Then in Bell's formulas for the correlation between the outcomes of two measurements, replace integration over the possible values of the hidden variables, weighted according to their probabiity density, by a sum over the 16 possible values of the four binary outcomes.

Well, it still maybe looks like different mathematics, but in fact we are now getting very close to a simple combinatorial argument - just running through a finite number of different possibilities.

- I thought that models exist that reproduce the characteristic of QM of a greater "mismatch". However, according to Herbert's proof, that is not possible. What's going on? local hidden variable theory

You should be able to find examples of LR models that produce a nonlinear correlation between θ and P(a,b) via Google and arxiv.org searches.

Here are a couple of statements of the issues regarding Bell-type or Herbert-type proofs by a couple of physicists who think that the assumption of nonlocality in nature might be unwarranted.

Arthur Fine said:
One general issue raised by the debates over locality is to understand the connection between stochastic independence (probabilities multiply) and genuine physical independence (no mutual influence). It is the latter that is at issue in “locality,” but
it is the former that goes proxy for it in the Bell-like calculations.
David Mermin said:
How clearly and convincingly to exorcise nonlocality from the foundations of physics in spite of the violations of Bell inequalities. Nonlocality has been egregiously oversold. On the other hand, those who briskly dismiss it as a naive error
are evading a direct confrontation with one of the central peculiarities of quantum
physics. I would put the issue like this: what can one legitimately require of
an explanation of correlations between the outcomes of independently selected tests
performed on systems that no longer interact?

gill1109
Gold Member
Fine is wrong. Bell gave sufficient conditions for his inequality to hold, not necessary and sufficient conditions. The issue is not statistical independence. The issue is the possibility to add into the model the outcomes of the measurements which were not performed, alongside of those which were performed, in a way which respects locality. In the Bell-CHSH set-up (two parties, two measurements per party, two possible outcomes per measurement) all Bell-CHSH inequalities hold if and only if the unperformed measurements can also have outcomes attributed to them, in a local way.

gill1109
Gold Member
The only models which are correct and which reproduce P(a,b) are models exploiting the detection loophole.

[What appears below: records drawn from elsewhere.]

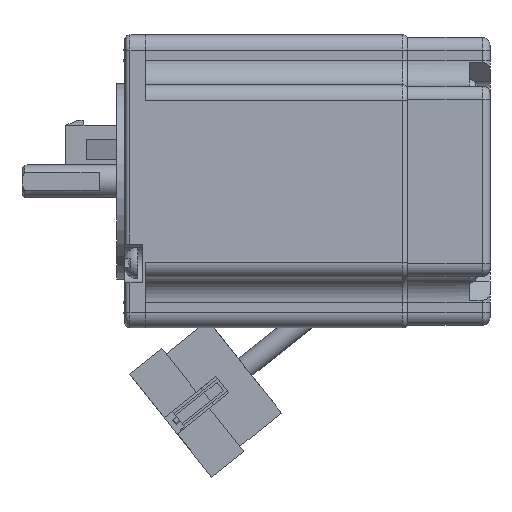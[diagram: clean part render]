
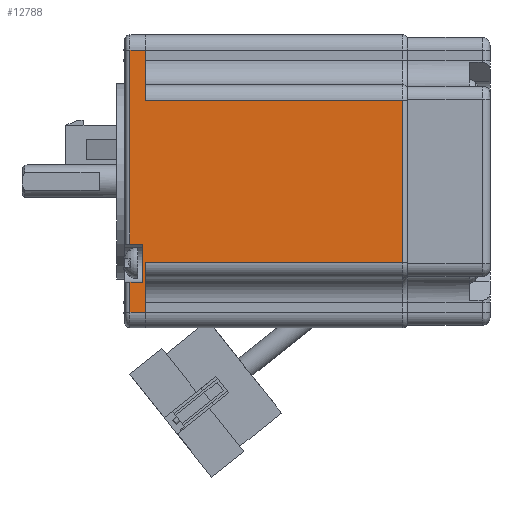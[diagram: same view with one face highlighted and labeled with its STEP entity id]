
A CAD part, front view. The second image highlights one B-rep face of the part: STEP entity #12788.
In plain terms, the highlighted planar face has unit normal (0, -1, 0).
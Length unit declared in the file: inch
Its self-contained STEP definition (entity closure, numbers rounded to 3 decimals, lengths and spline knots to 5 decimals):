
#410=LINE('',#19741,#1587);
#473=LINE('',#19910,#1650);
#474=LINE('',#19915,#1651);
#475=LINE('',#19917,#1652);
#476=LINE('',#19919,#1653);
#477=LINE('',#19921,#1654);
#478=LINE('',#19923,#1655);
#479=LINE('',#19925,#1656);
#480=LINE('',#19926,#1657);
#481=LINE('',#19928,#1658);
#482=LINE('',#19930,#1659);
#483=LINE('',#19931,#1660);
#1587=VECTOR('',#15388,1.24173);
#1650=VECTOR('',#15521,1.9685);
#1651=VECTOR('',#15526,1.48425);
#1652=VECTOR('',#15527,0.09843);
#1653=VECTOR('',#15528,0.29134);
#1654=VECTOR('',#15529,0.09843);
#1655=VECTOR('',#15530,0.23228);
#1656=VECTOR('',#15531,0.11811);
#1657=VECTOR('',#15532,0.38307);
#1658=VECTOR('',#15533,1.9685);
#1659=VECTOR('',#15534,0.38307);
#1660=VECTOR('',#15535,0.11811);
#3010=FACE_OUTER_BOUND('',#3808,.T.);
#3808=EDGE_LOOP('',(#8899,#8900,#8901,#8902,#8903,#8904,#8905,#8906,#8907,
#8908,#8909,#8910));
#5437=VERTEX_POINT('',#19715);
#5439=VERTEX_POINT('',#19739);
#5491=VERTEX_POINT('',#19909);
#5492=VERTEX_POINT('',#19913);
#5493=VERTEX_POINT('',#19914);
#5494=VERTEX_POINT('',#19916);
#5495=VERTEX_POINT('',#19918);
#5496=VERTEX_POINT('',#19920);
#5497=VERTEX_POINT('',#19922);
#5498=VERTEX_POINT('',#19924);
#5499=VERTEX_POINT('',#19927);
#5500=VERTEX_POINT('',#19929);
#6754=EDGE_CURVE('',#5439,#5437,#410,.T.);
#6830=EDGE_CURVE('',#5437,#5491,#473,.T.);
#6832=EDGE_CURVE('',#5492,#5493,#474,.T.);
#6833=EDGE_CURVE('',#5493,#5494,#475,.T.);
#6834=EDGE_CURVE('',#5494,#5495,#476,.T.);
#6835=EDGE_CURVE('',#5495,#5496,#477,.T.);
#6836=EDGE_CURVE('',#5496,#5497,#478,.T.);
#6837=EDGE_CURVE('',#5497,#5498,#479,.T.);
#6838=EDGE_CURVE('',#5498,#5491,#480,.T.);
#6839=EDGE_CURVE('',#5439,#5499,#481,.T.);
#6840=EDGE_CURVE('',#5499,#5500,#482,.T.);
#6841=EDGE_CURVE('',#5500,#5492,#483,.T.);
#8899=ORIENTED_EDGE('',*,*,#6832,.T.);
#8900=ORIENTED_EDGE('',*,*,#6833,.T.);
#8901=ORIENTED_EDGE('',*,*,#6834,.T.);
#8902=ORIENTED_EDGE('',*,*,#6835,.T.);
#8903=ORIENTED_EDGE('',*,*,#6836,.T.);
#8904=ORIENTED_EDGE('',*,*,#6837,.T.);
#8905=ORIENTED_EDGE('',*,*,#6838,.T.);
#8906=ORIENTED_EDGE('',*,*,#6830,.F.);
#8907=ORIENTED_EDGE('',*,*,#6754,.F.);
#8908=ORIENTED_EDGE('',*,*,#6839,.T.);
#8909=ORIENTED_EDGE('',*,*,#6840,.T.);
#8910=ORIENTED_EDGE('',*,*,#6841,.T.);
#12214=PLANE('',#13713);
#12788=ADVANCED_FACE('',(#3010),#12214,.T.);
#13713=AXIS2_PLACEMENT_3D('',#19912,#15524,#15525);
#15388=DIRECTION('',(0.,0.,-1.));
#15521=DIRECTION('',(-1.,0.,0.));
#15524=DIRECTION('center_axis',(0.,-1.,0.));
#15525=DIRECTION('ref_axis',(-1.,0.,0.));
#15526=DIRECTION('',(0.,0.,-1.));
#15527=DIRECTION('',(1.,0.,0.));
#15528=DIRECTION('',(0.,0.,-1.));
#15529=DIRECTION('',(-1.,0.,0.));
#15530=DIRECTION('',(0.,0.,-1.));
#15531=DIRECTION('',(1.,0.,0.));
#15532=DIRECTION('',(0.,0.,1.));
#15533=DIRECTION('',(-1.,0.,0.));
#15534=DIRECTION('',(0.,0.,1.));
#15535=DIRECTION('',(-1.,0.,0.));
#19715=CARTESIAN_POINT('',(3.09167,-2.24409,0.50118));
#19739=CARTESIAN_POINT('',(3.09167,-2.24409,1.74291));
#19741=CARTESIAN_POINT('',(3.09167,-2.24409,1.74291));
#19909=CARTESIAN_POINT('',(1.12317,-2.24409,0.50118));
#19910=CARTESIAN_POINT('',(3.13104,-2.24409,0.50118));
#19912=CARTESIAN_POINT('Origin',(3.13104,-2.24409,0.));
#19913=CARTESIAN_POINT('',(1.00506,-2.24409,2.12598));
#19914=CARTESIAN_POINT('',(1.00506,-2.24409,0.64173));
#19915=CARTESIAN_POINT('',(1.00506,-2.24409,0.));
#19916=CARTESIAN_POINT('',(1.10348,-2.24409,0.64173));
#19917=CARTESIAN_POINT('',(3.13104,-2.24409,0.64173));
#19918=CARTESIAN_POINT('',(1.10348,-2.24409,0.35039));
#19919=CARTESIAN_POINT('',(1.10348,-2.24409,0.));
#19920=CARTESIAN_POINT('',(1.00506,-2.24409,0.35039));
#19921=CARTESIAN_POINT('',(3.13104,-2.24409,0.35039));
#19922=CARTESIAN_POINT('',(1.00506,-2.24409,0.11811));
#19923=CARTESIAN_POINT('',(1.00506,-2.24409,0.));
#19924=CARTESIAN_POINT('',(1.12317,-2.24409,0.11811));
#19925=CARTESIAN_POINT('',(3.13104,-2.24409,0.11811));
#19926=CARTESIAN_POINT('',(1.12317,-2.24409,0.));
#19927=CARTESIAN_POINT('',(1.12317,-2.24409,1.74291));
#19928=CARTESIAN_POINT('',(3.13104,-2.24409,1.74291));
#19929=CARTESIAN_POINT('',(1.12317,-2.24409,2.12598));
#19930=CARTESIAN_POINT('',(1.12317,-2.24409,0.));
#19931=CARTESIAN_POINT('',(3.13104,-2.24409,2.12598));

Fine is wrong. Bell gave sufficient conditions for his inequality to hold, not necessary and sufficient conditions. The issue is not statistical independence. The issue is the possibility to add into the model the outcomes of the measurements which were not performed, alongside of those which were performed, in a way which respects locality. In the Bell-CHSH set-up (two parties, two measurements per party, two possible outcomes per measurement) all Bell-CHSH inequalities hold if and only if the unperformed measurements can also have outcomes attributed to them, in a local way.
Not sure what you're saying. Have Herbert and Bell proven that nature is nonlocal?

DrChinese
Gold Member
Not sure what you're saying. Have Herbert and Bell proven that nature is nonlocal?
Don't forget the realism requirement. If that is dropped, locality is possible.

Don't forget the realism requirement. If that is dropped, locality is possible.
What is the difference between local non-realism vs non-local non-realism?

DrChinese
Gold Member
What is the difference between local non-realism vs non-local non-realism?
To me (and not everyone has the exact same definitions): It is non-realistic if you deny existence of counterfactual outcomes. In EPR terms, you are essentially denying the existence of "elements of reality independent of the act of observation." EPR would say that perfect correlations are a manifestation of these elements of reality. While the Copenhagen view would be that perfect correlations are the mathematical outcome you get as a result of the cos^2(theta) relationship.

So I guess the non-local version of the above adds in the idea that the measurement device settings are effectively in communication with the particles being observed.

What do you mean by "I thought that models exist that reproduce the characteristic of QM of a greater 'mismatch'"?
I think he's referring to LR models that produce a nonlinear angular dependence.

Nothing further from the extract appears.